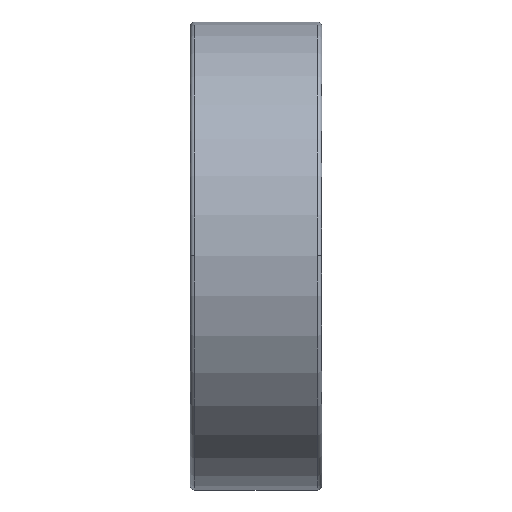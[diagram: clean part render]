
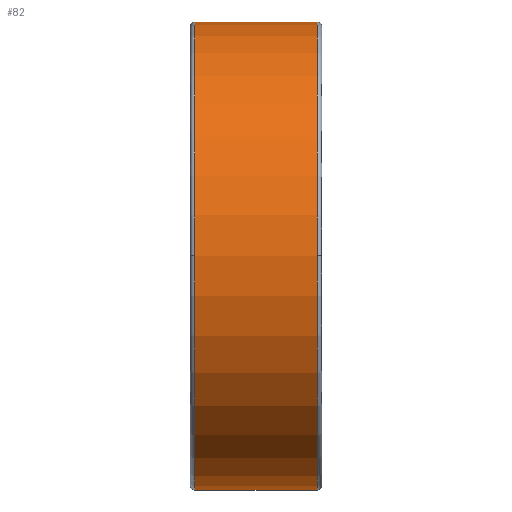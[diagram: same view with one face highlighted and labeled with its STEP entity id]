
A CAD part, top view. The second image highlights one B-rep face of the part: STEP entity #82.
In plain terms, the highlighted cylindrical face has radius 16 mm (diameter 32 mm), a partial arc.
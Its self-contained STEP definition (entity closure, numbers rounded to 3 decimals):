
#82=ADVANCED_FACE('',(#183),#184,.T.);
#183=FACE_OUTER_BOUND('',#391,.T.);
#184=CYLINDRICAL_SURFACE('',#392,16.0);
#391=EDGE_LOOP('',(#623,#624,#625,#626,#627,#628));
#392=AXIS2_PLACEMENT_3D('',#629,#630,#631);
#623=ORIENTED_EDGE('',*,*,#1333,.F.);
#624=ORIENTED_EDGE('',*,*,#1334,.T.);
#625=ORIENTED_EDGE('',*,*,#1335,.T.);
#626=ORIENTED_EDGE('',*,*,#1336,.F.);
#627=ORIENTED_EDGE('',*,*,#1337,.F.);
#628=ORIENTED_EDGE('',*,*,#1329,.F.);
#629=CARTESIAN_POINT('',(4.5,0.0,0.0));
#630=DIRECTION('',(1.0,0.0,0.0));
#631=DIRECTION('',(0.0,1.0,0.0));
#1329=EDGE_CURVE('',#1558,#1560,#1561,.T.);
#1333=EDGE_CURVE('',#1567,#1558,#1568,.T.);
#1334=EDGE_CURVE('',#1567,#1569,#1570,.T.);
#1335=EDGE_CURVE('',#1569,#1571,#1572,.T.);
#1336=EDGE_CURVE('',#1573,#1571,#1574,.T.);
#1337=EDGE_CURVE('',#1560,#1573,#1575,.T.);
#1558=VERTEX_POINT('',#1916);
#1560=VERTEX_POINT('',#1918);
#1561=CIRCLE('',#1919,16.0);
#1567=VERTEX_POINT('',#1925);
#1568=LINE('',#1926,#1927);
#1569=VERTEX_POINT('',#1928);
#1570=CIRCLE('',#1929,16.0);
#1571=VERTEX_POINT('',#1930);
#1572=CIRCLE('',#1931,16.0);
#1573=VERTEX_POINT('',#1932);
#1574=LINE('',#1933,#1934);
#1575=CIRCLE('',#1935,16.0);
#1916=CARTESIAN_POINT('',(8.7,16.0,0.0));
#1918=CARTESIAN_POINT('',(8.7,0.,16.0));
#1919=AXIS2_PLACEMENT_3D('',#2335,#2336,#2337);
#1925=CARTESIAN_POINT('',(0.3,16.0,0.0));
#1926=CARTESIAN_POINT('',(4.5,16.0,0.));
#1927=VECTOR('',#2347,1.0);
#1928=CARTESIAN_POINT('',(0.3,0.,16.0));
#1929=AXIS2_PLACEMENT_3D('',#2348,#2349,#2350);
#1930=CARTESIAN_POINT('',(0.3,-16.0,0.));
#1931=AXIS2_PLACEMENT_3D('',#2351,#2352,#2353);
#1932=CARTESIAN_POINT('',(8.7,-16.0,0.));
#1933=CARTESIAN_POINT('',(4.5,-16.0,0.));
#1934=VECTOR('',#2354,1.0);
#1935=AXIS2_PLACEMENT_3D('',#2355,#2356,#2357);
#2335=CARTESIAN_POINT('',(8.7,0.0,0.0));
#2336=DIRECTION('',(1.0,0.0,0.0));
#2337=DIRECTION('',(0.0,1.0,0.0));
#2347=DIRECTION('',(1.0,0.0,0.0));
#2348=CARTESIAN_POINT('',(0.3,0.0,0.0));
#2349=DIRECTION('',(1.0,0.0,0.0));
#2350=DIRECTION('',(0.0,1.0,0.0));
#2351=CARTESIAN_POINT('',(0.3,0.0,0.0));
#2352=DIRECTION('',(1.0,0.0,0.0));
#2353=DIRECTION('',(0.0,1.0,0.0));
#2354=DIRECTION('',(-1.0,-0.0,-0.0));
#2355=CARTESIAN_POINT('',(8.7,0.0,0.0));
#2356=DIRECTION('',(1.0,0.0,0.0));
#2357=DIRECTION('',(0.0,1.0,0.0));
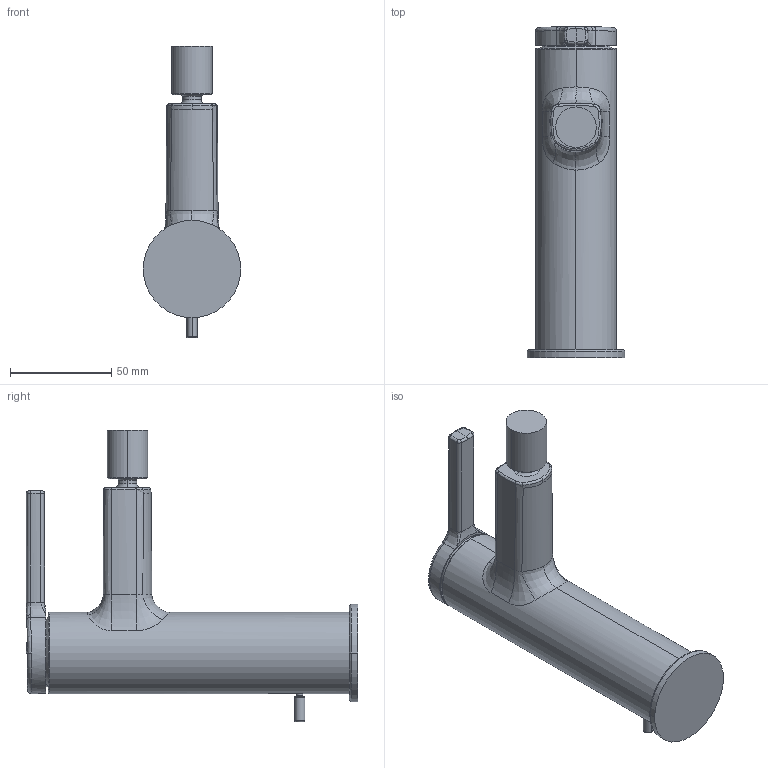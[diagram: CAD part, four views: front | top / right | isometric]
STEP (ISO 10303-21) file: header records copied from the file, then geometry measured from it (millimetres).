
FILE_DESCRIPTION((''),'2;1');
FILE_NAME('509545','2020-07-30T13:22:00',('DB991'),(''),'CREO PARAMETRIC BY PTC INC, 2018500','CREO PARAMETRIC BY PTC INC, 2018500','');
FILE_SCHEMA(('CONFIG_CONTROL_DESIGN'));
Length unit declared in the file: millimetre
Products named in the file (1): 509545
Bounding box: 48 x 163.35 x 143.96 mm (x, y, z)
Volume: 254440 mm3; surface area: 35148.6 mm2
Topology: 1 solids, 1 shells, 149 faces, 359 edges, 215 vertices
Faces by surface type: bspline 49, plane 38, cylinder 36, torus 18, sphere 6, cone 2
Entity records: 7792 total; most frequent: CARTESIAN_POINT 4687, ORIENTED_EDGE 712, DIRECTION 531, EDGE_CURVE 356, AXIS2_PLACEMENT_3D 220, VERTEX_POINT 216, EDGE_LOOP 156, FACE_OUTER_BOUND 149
********************
Using the entries above, return exactly the lines from the line with "#628=ORIENTED_EDGE('',*,*,#1329,.F.);" to the line with "#1925=CARTESIAN_POINT('',(0.3,16.0,0.0));", counting both of those lines.

#628=ORIENTED_EDGE('',*,*,#1329,.F.);
#629=CARTESIAN_POINT('',(4.5,0.0,0.0));
#630=DIRECTION('',(1.0,0.0,0.0));
#631=DIRECTION('',(0.0,1.0,0.0));
#1329=EDGE_CURVE('',#1558,#1560,#1561,.T.);
#1333=EDGE_CURVE('',#1567,#1558,#1568,.T.);
#1334=EDGE_CURVE('',#1567,#1569,#1570,.T.);
#1335=EDGE_CURVE('',#1569,#1571,#1572,.T.);
#1336=EDGE_CURVE('',#1573,#1571,#1574,.T.);
#1337=EDGE_CURVE('',#1560,#1573,#1575,.T.);
#1558=VERTEX_POINT('',#1916);
#1560=VERTEX_POINT('',#1918);
#1561=CIRCLE('',#1919,16.0);
#1567=VERTEX_POINT('',#1925);
#1568=LINE('',#1926,#1927);
#1569=VERTEX_POINT('',#1928);
#1570=CIRCLE('',#1929,16.0);
#1571=VERTEX_POINT('',#1930);
#1572=CIRCLE('',#1931,16.0);
#1573=VERTEX_POINT('',#1932);
#1574=LINE('',#1933,#1934);
#1575=CIRCLE('',#1935,16.0);
#1916=CARTESIAN_POINT('',(8.7,16.0,0.0));
#1918=CARTESIAN_POINT('',(8.7,0.,16.0));
#1919=AXIS2_PLACEMENT_3D('',#2335,#2336,#2337);
#1925=CARTESIAN_POINT('',(0.3,16.0,0.0));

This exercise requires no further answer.